## EXERCISE GOAL
The answer is the first line of the listing and every line after it through the one containing "doc.linetypes.add('MEDIUM_DASHED', pattern=[4.5, 3, -1.5])", exact, with pictures removed.

## DATA SUPPLIED
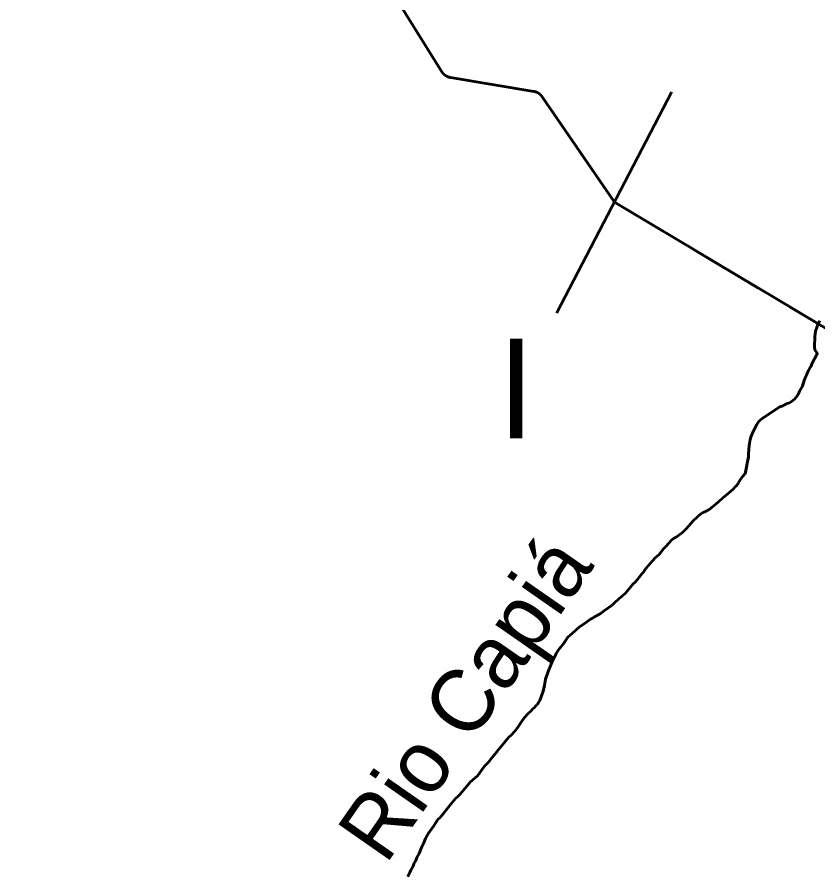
# Model space of a CAD drawing. Extents: x -1643653 to 4543381, y 1624270 to 13878484.
# Drawn here: x 645322 to 651748, y 8961468 to 8968347 of the extents above; entities that cross this region are included whole.
import ezdxf
from ezdxf.enums import TextEntityAlignment as Align

# ---------------------------------------------------------------- set-up
doc = ezdxf.new("R2010")
doc.units = 0
doc.header["$LTSCALE"] = 200
doc.linetypes.add('MEDIUM_DASHED', pattern=[4.5, 3, -1.5])
for name, color, linetype, lineweight in [('1', 7, 'Continuous', 13), ('24', 7, 'Continuous', 25), ('27', 7, 'Continuous', 53), ('31', 7, 'Continuous', 53), ('60', 7, 'Continuous', 53)]:
    doc.layers.add(name, color=color, linetype=linetype, lineweight=lineweight)
doc.layers.add('49', color=7, linetype='Continuous')

msp = doc.modelspace()

# ---------------------------------------------------------------- linework, layer by layer
at = {"layer": '1', "lineweight": 25}
msp.add_spline([(814781, 9009175.5), (814787.2, 9009173.4), (814796.9, 9009173.4), (814799.4, 9009172.4), (814805.1, 9009174.5), (814805.6, 9009176.5), (814811.7, 9009179.5), (814811.7, 9009179.5), (814801.5, 9009181), (814790.7, 9009181.5), (814784.1, 9009183.1), (814777.4, 9009185.1), (814778.4, 9009175.5)], degree=3, dxfattribs=at)
at = {"layer": '24', "lineweight": 53}
for points in [[(651759.8, 8965907.9), (651741.4, 8965863.8), (651729.4, 8965826.5), (651723.3, 8965779.3), (651720.3, 8965699.1), (651722.8, 8965675), (651743.5, 8965648.6), (651743.4, 8965644.6), (651698.9, 8965564), (651693.6, 8965544.1), (651688.2, 8965540.4), (651686.5, 8965534.9), (651674.3, 8965514.2), (651664.3, 8965494.4), (651655.9, 8965471.5), (651645.4, 8965450), (651637.1, 8965429.3), (651623.4, 8965385), (651601.4, 8965342.9), (651591.7, 8965321.5), (651577.2, 8965299.5), (651559.6, 8965280.8), (651533.4, 8965257.4), (651515.3, 8965247.1), (651499.6, 8965244.2), (651496.3, 8965241.1), (651479.6, 8965235.3), (651466.6, 8965226.9), (651443.2, 8965217.1), (651307.6, 8965130.1), (651287.6, 8965112.6), (651272.7, 8965096.7), (651258.7, 8965075.1), (651231.1, 8965023.9), (651213.3, 8964982.5), (651203.9, 8964956.5), (651195.2, 8964907.3), (651191.2, 8964841.6), (651191, 8964817.2), (651164.9, 8964678.6), (651157.3, 8964676.2), (651155.4, 8964668.4), (651148.9, 8964664.2), (651138.2, 8964651.3), (651124.9, 8964632.4), (651105.4, 8964599.6), (651094.6, 8964583.9), (651089.5, 8964580.2), (651065.3, 8964555.2), (651012.9, 8964509), (650998.5, 8964498.8), (650986.4, 8964486.1), (650949.3, 8964456), (650900.6, 8964412.3), (650874.5, 8964393.6), (650844.8, 8964377.2), (650826.4, 8964368.8), (650809.3, 8964357.4), (650785.7, 8964337.7), (650747.8, 8964302.8), (650693.7, 8964240.3), (650662, 8964208.7), (650662, 8964208.7), (650632.1, 8964188.2), (650618, 8964175.7), (650604.2, 8964169.9), (650589.6, 8964160.3)], [(650589.6, 8964160.3), (650574.3, 8964146.5), (650530.2, 8964098.3), (650509, 8964077.9), (650473.5, 8964033), (650442.6, 8964005.1), (650368.1, 8963919.8), (650346, 8963888.5), (650332.8, 8963874.9), (650310.5, 8963845.9), (650278.5, 8963808.1), (650264.2, 8963793.4), (650207.7, 8963725.5), (650176.4, 8963697.3), (650153.9, 8963678.9), (650140.4, 8963665.7), (650124.7, 8963653.2), (650103.3, 8963631.9), (650086.5, 8963618), (650072.4, 8963608.2), (650060.6, 8963597.7), (650046.6, 8963590.1), (650000.4, 8963555.6), (649955.2, 8963530.6), (649939, 8963520), (649922.4, 8963511.9), (649893.1, 8963492), (649865.1, 8963469.6), (649835.2, 8963451.3), (649777.6, 8963401.4), (649742.6, 8963367.3), (649718.9, 8963335.7), (649704, 8963312.6), (649674.6, 8963276.8), (649661.2, 8963257.8), (649648.9, 8963237.2), (649640.8, 8963219.3), (649630.7, 8963202.8), (649615, 8963169.3), (649608.8, 8963150.8), (649584.8, 8963092.3), (649563.2, 8963031.5), (649555.5, 8962980.1), (649545.2, 8962946.6), (649541.4, 8962928), (649515.6, 8962859.5), (649507.1, 8962843.2), (649499.9, 8962833.4), (649481.2, 8962814.6), (649475.3, 8962806.6), (649456.2, 8962788.3), (649449.4, 8962778.8), (649420.2, 8962753.5), (649395, 8962724.1), (649367.2, 8962685.5), (649343.5, 8962648.1), (649319.4, 8962615.6), (649289.5, 8962584.5), (649264.9, 8962562.7), (649217.7, 8962504.2), (649187.2, 8962469.5), (649162, 8962433.2), (649131.5, 8962399.3), (649105.7, 8962365.4), (649075.9, 8962335.3), (649056.5, 8962311.9), (649027.9, 8962268.9), (649013.5, 8962252.7), (648961.3, 8962205.6), (648876.1, 8962105.7), (648858.3, 8962087.9), (648839.2, 8962071.7), (648801.6, 8962026.5), (648742.1, 8961950.5), (648715.9, 8961919), (648698.4, 8961903), (648678.4, 8961875.1), (648665.1, 8961852.7), (648623.9, 8961794), (648612.1, 8961775.1), (648600.3, 8961752.7), (648585.9, 8961717.7), (648566.1, 8961679.4), (648547.4, 8961632), (648528.6, 8961598.4), (648520.4, 8961575.2), (648506.1, 8961547), (648501.5, 8961529.9), (648482.2, 8961497.1), (648474.8, 8961478.5), (648456.4, 8961445.7)]]:
    msp.add_lwpolyline(points, dxfattribs=at)
at = {"layer": '27'}
msp.add_line((651746.6, 8965885.9), (650115.3, 8966860.5), dxfattribs=at)
for points in [[(648284.2, 8968627.1), (648730.3, 8967908.7), (648730.4, 8967908.7), (648731.9, 8967906.3), (648733.5, 8967903.9), (648735.2, 8967901.7), (648736.9, 8967899.4), (648738.7, 8967897.2), (648740.5, 8967895.1), (648742.4, 8967893), (648744.4, 8967891), (648746.4, 8967889), (648748.5, 8967887.1), (648750.6, 8967885.2), (648752.8, 8967883.4), (648755, 8967881.7), (648757.3, 8967880), (648759.7, 8967878.4), (648762, 8967876.8), (648764.4, 8967875.4), (648766.9, 8967874), (648769.4, 8967872.6), (648771.9, 8967871.4), (648774.5, 8967870.2), (648777.1, 8967869.1), (648779.7, 8967868), (648782.4, 8967867.1), (648785.1, 8967866.2), (648787.8, 8967865.3), (648790.5, 8967864.6), (648793.2, 8967863.9), (648796, 8967863.3), (648798.8, 8967862.8), (649469.2, 8967750.6), (649470.5, 8967750.4), (649473.2, 8967749.9), (649476, 8967749.2), (649478.7, 8967748.6), (649481.5, 8967747.8), (649484.2, 8967746.9), (649486.8, 8967746), (649489.5, 8967745), (649492.1, 8967743.9), (649494.7, 8967742.8), (649497.2, 8967741.5), (649499.7, 8967740.2), (649502.2, 8967738.9), (649504.7, 8967737.4), (649507, 8967735.9), (649509.4, 8967734.4), (649511.7, 8967732.7)], [(649511.7, 8967732.7), (649509.4, 8967734.4), (649507, 8967735.9), (649504.7, 8967737.4), (649502.2, 8967738.9), (649499.7, 8967740.2), (649497.2, 8967741.5), (649494.7, 8967742.8), (649492.1, 8967743.9), (649489.5, 8967745), (649486.8, 8967746), (649484.2, 8967746.9), (649481.5, 8967747.8), (649478.7, 8967748.6), (649476, 8967749.2), (649473.2, 8967749.9), (649470.5, 8967750.4), (649469.2, 8967750.6), (648798.8, 8967862.8), (648796, 8967863.3), (648793.2, 8967863.9), (648790.5, 8967864.6), (648787.8, 8967865.3), (648785.1, 8967866.2), (648782.4, 8967867.1), (648779.7, 8967868), (648777.1, 8967869.1), (648774.5, 8967870.2), (648771.9, 8967871.4), (648769.4, 8967872.6), (648766.9, 8967874), (648764.4, 8967875.4), (648762, 8967876.8), (648759.7, 8967878.4), (648757.3, 8967880), (648755, 8967881.7), (648752.8, 8967883.4), (648750.6, 8967885.2), (648748.5, 8967887.1), (648746.4, 8967889), (648744.4, 8967891), (648742.4, 8967893), (648740.5, 8967895.1), (648738.7, 8967897.2), (648736.9, 8967899.4), (648735.2, 8967901.7), (648733.5, 8967903.9), (648731.9, 8967906.3), (648730.4, 8967908.7), (648730.3, 8967908.7), (648284.2, 8968627.1)], [(649511.7, 8967732.7), (649514, 8967731), (649516.2, 8967729.3), (649518.3, 8967727.4), (649520.4, 8967725.6), (649522.5, 8967723.6), (649524.5, 8967721.6), (649526.4, 8967719.5), (649528.3, 8967717.4), (649530.1, 8967715.3), (649531.9, 8967713.1), (649533.6, 8967710.8), (649535.2, 8967708.5), (650115.3, 8966860.5), (651746.6, 8965885.9)], [(650115.3, 8966860.5), (649535.2, 8967708.5), (649533.6, 8967710.8), (649531.9, 8967713.1), (649530.1, 8967715.3), (649528.3, 8967717.4), (649526.4, 8967719.5), (649524.5, 8967721.6), (649522.5, 8967723.6), (649520.4, 8967725.6), (649518.3, 8967727.4), (649516.2, 8967729.3), (649514, 8967731), (649511.7, 8967732.7)], [(650589.6, 8964160.3), (650604.2, 8964169.9), (650618, 8964175.7), (650632.1, 8964188.2), (650662, 8964208.7), (650662, 8964208.7), (650693.7, 8964240.3), (650747.8, 8964302.8), (650785.7, 8964337.7), (650809.3, 8964357.4), (650826.4, 8964368.8), (650844.8, 8964377.2), (650874.5, 8964393.6), (650900.6, 8964412.3), (650949.3, 8964456), (650986.4, 8964486.1), (650998.5, 8964498.8), (651012.9, 8964509), (651065.3, 8964555.2), (651089.5, 8964580.2), (651094.6, 8964583.9), (651105.4, 8964599.6), (651124.9, 8964632.4), (651138.2, 8964651.3), (651148.9, 8964664.2), (651155.4, 8964668.4), (651157.3, 8964676.2), (651164.9, 8964678.6), (651191, 8964817.2), (651191.2, 8964841.6), (651195.2, 8964907.3), (651203.9, 8964956.5), (651213.3, 8964982.5), (651231.1, 8965023.9), (651258.7, 8965075.1), (651272.7, 8965096.7), (651287.6, 8965112.6), (651307.6, 8965130.1), (651443.2, 8965217.1), (651466.6, 8965226.9), (651479.6, 8965235.3), (651496.3, 8965241.1), (651499.6, 8965244.2), (651515.3, 8965247.1), (651533.4, 8965257.4), (651559.6, 8965280.8), (651577.2, 8965299.5), (651591.7, 8965321.5), (651601.4, 8965342.9), (651623.4, 8965385), (651637.1, 8965429.3), (651645.4, 8965450), (651655.9, 8965471.5), (651664.3, 8965494.4), (651674.3, 8965514.2), (651686.5, 8965534.9), (651688.2, 8965540.4), (651693.6, 8965544.1), (651698.9, 8965564), (651743.4, 8965644.6), (651743.5, 8965648.6), (651722.8, 8965675), (651720.3, 8965699.1), (651723.3, 8965779.3), (651729.4, 8965826.5), (651741.4, 8965863.8), (651748.8, 8965881.5)], [(650589.6, 8964160.3), (650604.2, 8964169.9), (650618, 8964175.7), (650632.1, 8964188.2), (650662, 8964208.7), (650662, 8964208.7), (650693.7, 8964240.3), (650747.8, 8964302.8), (650785.7, 8964337.7), (650809.3, 8964357.4), (650826.4, 8964368.8), (650844.8, 8964377.2), (650874.5, 8964393.6), (650900.6, 8964412.3), (650949.3, 8964456), (650986.4, 8964486.1), (650998.5, 8964498.8), (651012.9, 8964509), (651065.3, 8964555.2), (651089.5, 8964580.2), (651094.6, 8964583.9), (651105.4, 8964599.6), (651124.9, 8964632.4), (651138.2, 8964651.3), (651148.9, 8964664.2), (651155.4, 8964668.4), (651157.3, 8964676.2), (651164.9, 8964678.6), (651191, 8964817.2), (651191.2, 8964841.6), (651195.2, 8964907.3), (651203.9, 8964956.5), (651213.3, 8964982.5), (651231.1, 8965023.9), (651258.7, 8965075.1), (651272.7, 8965096.7), (651287.6, 8965112.6), (651307.6, 8965130.1), (651443.2, 8965217.1), (651466.6, 8965226.9), (651479.6, 8965235.3), (651496.3, 8965241.1), (651499.6, 8965244.2), (651515.3, 8965247.1), (651533.4, 8965257.4), (651559.6, 8965280.8), (651577.2, 8965299.5), (651591.7, 8965321.5), (651601.4, 8965342.9), (651623.4, 8965385), (651637.1, 8965429.3), (651645.4, 8965450), (651655.9, 8965471.5), (651664.3, 8965494.4), (651674.3, 8965514.2), (651686.5, 8965534.9), (651688.2, 8965540.4), (651693.6, 8965544.1), (651698.9, 8965564), (651743.4, 8965644.6), (651743.5, 8965648.6), (651722.8, 8965675), (651720.3, 8965699.1), (651723.3, 8965779.3), (651729.4, 8965826.5), (651741.4, 8965863.8), (651748.8, 8965881.5)], [(648456.4, 8961445.7), (648474.8, 8961478.5), (648482.2, 8961497.1), (648501.5, 8961529.9), (648506.1, 8961547), (648520.4, 8961575.2), (648528.6, 8961598.4), (648547.4, 8961632), (648566.1, 8961679.4), (648585.9, 8961717.7), (648600.3, 8961752.7), (648612.1, 8961775.1), (648623.9, 8961794), (648665.1, 8961852.7), (648678.4, 8961875.1), (648698.4, 8961903), (648715.9, 8961919), (648742.1, 8961950.5), (648801.6, 8962026.5), (648839.2, 8962071.7), (648858.3, 8962087.9), (648876.1, 8962105.7), (648961.3, 8962205.6), (649013.5, 8962252.7), (649027.9, 8962268.9), (649056.5, 8962311.9), (649075.9, 8962335.3), (649105.7, 8962365.4), (649131.5, 8962399.3), (649162, 8962433.2), (649187.2, 8962469.5), (649217.7, 8962504.2), (649264.9, 8962562.7), (649289.5, 8962584.5), (649319.4, 8962615.6), (649343.5, 8962648.1), (649367.2, 8962685.5), (649395, 8962724.1), (649420.2, 8962753.5), (649449.4, 8962778.8), (649456.2, 8962788.3), (649475.3, 8962806.6), (649481.2, 8962814.6), (649499.9, 8962833.4), (649507.1, 8962843.2), (649515.6, 8962859.5), (649541.4, 8962928), (649545.2, 8962946.6), (649555.5, 8962980.1), (649563.2, 8963031.5), (649584.8, 8963092.3), (649608.8, 8963150.8), (649615, 8963169.3), (649630.7, 8963202.8), (649640.8, 8963219.3), (649648.9, 8963237.2), (649661.2, 8963257.8), (649674.6, 8963276.8), (649704, 8963312.6), (649718.9, 8963335.7), (649742.6, 8963367.3), (649777.6, 8963401.4), (649835.2, 8963451.3), (649865.1, 8963469.6), (649893.1, 8963492), (649922.4, 8963511.9), (649939, 8963520), (649955.2, 8963530.6), (650000.4, 8963555.6), (650046.6, 8963590.1), (650060.6, 8963597.7), (650072.4, 8963608.2), (650086.5, 8963618), (650103.3, 8963631.9), (650124.7, 8963653.2), (650140.4, 8963665.7), (650153.9, 8963678.9), (650176.4, 8963697.3), (650207.7, 8963725.5), (650264.2, 8963793.4), (650278.5, 8963808.1), (650310.5, 8963845.9), (650332.8, 8963874.9), (650346, 8963888.5), (650368.1, 8963919.8), (650442.6, 8964005.1), (650473.5, 8964033), (650509, 8964077.9), (650530.2, 8964098.3), (650574.3, 8964146.5), (650589.6, 8964160.3)], [(648456.4, 8961445.7), (648474.8, 8961478.5), (648482.2, 8961497.1), (648501.5, 8961529.9), (648506.1, 8961547), (648520.4, 8961575.2), (648528.6, 8961598.4), (648547.4, 8961632), (648566.1, 8961679.4), (648585.9, 8961717.7), (648600.3, 8961752.7), (648612.1, 8961775.1), (648623.9, 8961794), (648665.1, 8961852.7), (648678.4, 8961875.1), (648698.4, 8961903), (648715.9, 8961919), (648742.1, 8961950.5), (648801.6, 8962026.5), (648839.2, 8962071.7), (648858.3, 8962087.9), (648876.1, 8962105.7), (648961.3, 8962205.6), (649013.5, 8962252.7), (649027.9, 8962268.9), (649056.5, 8962311.9), (649075.9, 8962335.3), (649105.7, 8962365.4), (649131.5, 8962399.3), (649162, 8962433.2), (649187.2, 8962469.5), (649217.7, 8962504.2), (649264.9, 8962562.7), (649289.5, 8962584.5), (649319.4, 8962615.6), (649343.5, 8962648.1), (649367.2, 8962685.5), (649395, 8962724.1), (649420.2, 8962753.5), (649449.4, 8962778.8), (649456.2, 8962788.3), (649475.3, 8962806.6), (649481.2, 8962814.6), (649499.9, 8962833.4), (649507.1, 8962843.2), (649515.6, 8962859.5), (649541.4, 8962928), (649545.2, 8962946.6), (649555.5, 8962980.1), (649563.2, 8963031.5), (649584.8, 8963092.3), (649608.8, 8963150.8), (649615, 8963169.3), (649630.7, 8963202.8), (649640.8, 8963219.3), (649648.9, 8963237.2), (649661.2, 8963257.8), (649674.6, 8963276.8), (649704, 8963312.6), (649718.9, 8963335.7), (649742.6, 8963367.3), (649777.6, 8963401.4), (649835.2, 8963451.3), (649865.1, 8963469.6), (649893.1, 8963492), (649922.4, 8963511.9), (649939, 8963520), (649955.2, 8963530.6), (650000.4, 8963555.6), (650046.6, 8963590.1), (650060.6, 8963597.7), (650072.4, 8963608.2), (650086.5, 8963618), (650103.3, 8963631.9), (650124.7, 8963653.2), (650140.4, 8963665.7), (650153.9, 8963678.9), (650176.4, 8963697.3), (650207.7, 8963725.5), (650264.2, 8963793.4), (650278.5, 8963808.1), (650310.5, 8963845.9), (650332.8, 8963874.9), (650346, 8963888.5), (650368.1, 8963919.8), (650442.6, 8964005.1), (650473.5, 8964033), (650509, 8964077.9), (650530.2, 8964098.3), (650574.3, 8964146.5), (650589.6, 8964160.3)]]:
    msp.add_lwpolyline(points, dxfattribs=at)
at = {"layer": '31'}
msp.add_line((649653.7, 8965973.5), (650576.8, 8967747.6), dxfattribs=at)
at = {"layer": '60', "linetype": 'MEDIUM_DASHED', "lineweight": 60}
msp.add_line((652814.4, 8965247.9), (650115.3, 8966860.5), dxfattribs=at)
at = {"layer": '60'}
for points in [[(649511.7, 8967732.7), (649509.4, 8967734.4), (649507, 8967735.9), (649504.7, 8967737.4), (649502.2, 8967738.9), (649499.7, 8967740.2), (649497.2, 8967741.5), (649494.7, 8967742.8), (649492.1, 8967743.9), (649489.5, 8967745), (649486.8, 8967746), (649484.2, 8967746.9), (649481.5, 8967747.8), (649478.7, 8967748.6), (649476, 8967749.2), (649473.2, 8967749.9), (649470.5, 8967750.4), (649469.2, 8967750.6), (648798.8, 8967862.8), (648796, 8967863.3), (648793.2, 8967863.9), (648790.5, 8967864.6), (648787.8, 8967865.3), (648785.1, 8967866.2), (648782.4, 8967867.1), (648779.7, 8967868), (648777.1, 8967869.1), (648774.5, 8967870.2), (648771.9, 8967871.4), (648769.4, 8967872.6), (648766.9, 8967874), (648764.4, 8967875.4), (648762, 8967876.8), (648759.7, 8967878.4), (648757.3, 8967880), (648755, 8967881.7), (648752.8, 8967883.4), (648750.6, 8967885.2), (648748.5, 8967887.1), (648746.4, 8967889), (648744.4, 8967891), (648742.4, 8967893), (648740.5, 8967895.1), (648738.7, 8967897.2), (648736.9, 8967899.4), (648735.2, 8967901.7), (648733.5, 8967903.9), (648731.9, 8967906.3), (648730.4, 8967908.7), (648730.3, 8967908.7), (648284.2, 8968627.1)], [(650115.3, 8966860.5), (649535.2, 8967708.5), (649533.6, 8967710.8), (649531.9, 8967713.1), (649530.1, 8967715.3), (649528.3, 8967717.4), (649526.4, 8967719.5), (649524.5, 8967721.6), (649522.5, 8967723.6), (649520.4, 8967725.6), (649518.3, 8967727.4), (649516.2, 8967729.3), (649514, 8967731), (649511.7, 8967732.7)]]:
    msp.add_lwpolyline(points, dxfattribs=at)

# ---------------------------------------------------------------- texts
at = {"layer": '31'}
msp.add_text('I', height=800, dxfattribs=at).set_placement((649177.5, 8964965.7))
at = {"layer": '49'}
msp.add_text('Rio Capiá', height=500, rotation=55.114, dxfattribs=at).set_placement((649119.7, 8962738.4), align=Align.CENTER)

doc.saveas('drawing.dxf')

## SOLUTION TO THIS TASK
# Model space of a CAD drawing. Extents: x -1643653 to 4543381, y 1624270 to 13878484.
# Drawn here: x 645322 to 651748, y 8961468 to 8968347 of the extents above; entities that cross this region are included whole.
import ezdxf
from ezdxf.enums import TextEntityAlignment as Align

# ---------------------------------------------------------------- set-up
doc = ezdxf.new("R2010")
doc.units = 0
doc.header["$LTSCALE"] = 200
doc.linetypes.add('MEDIUM_DASHED', pattern=[4.5, 3, -1.5])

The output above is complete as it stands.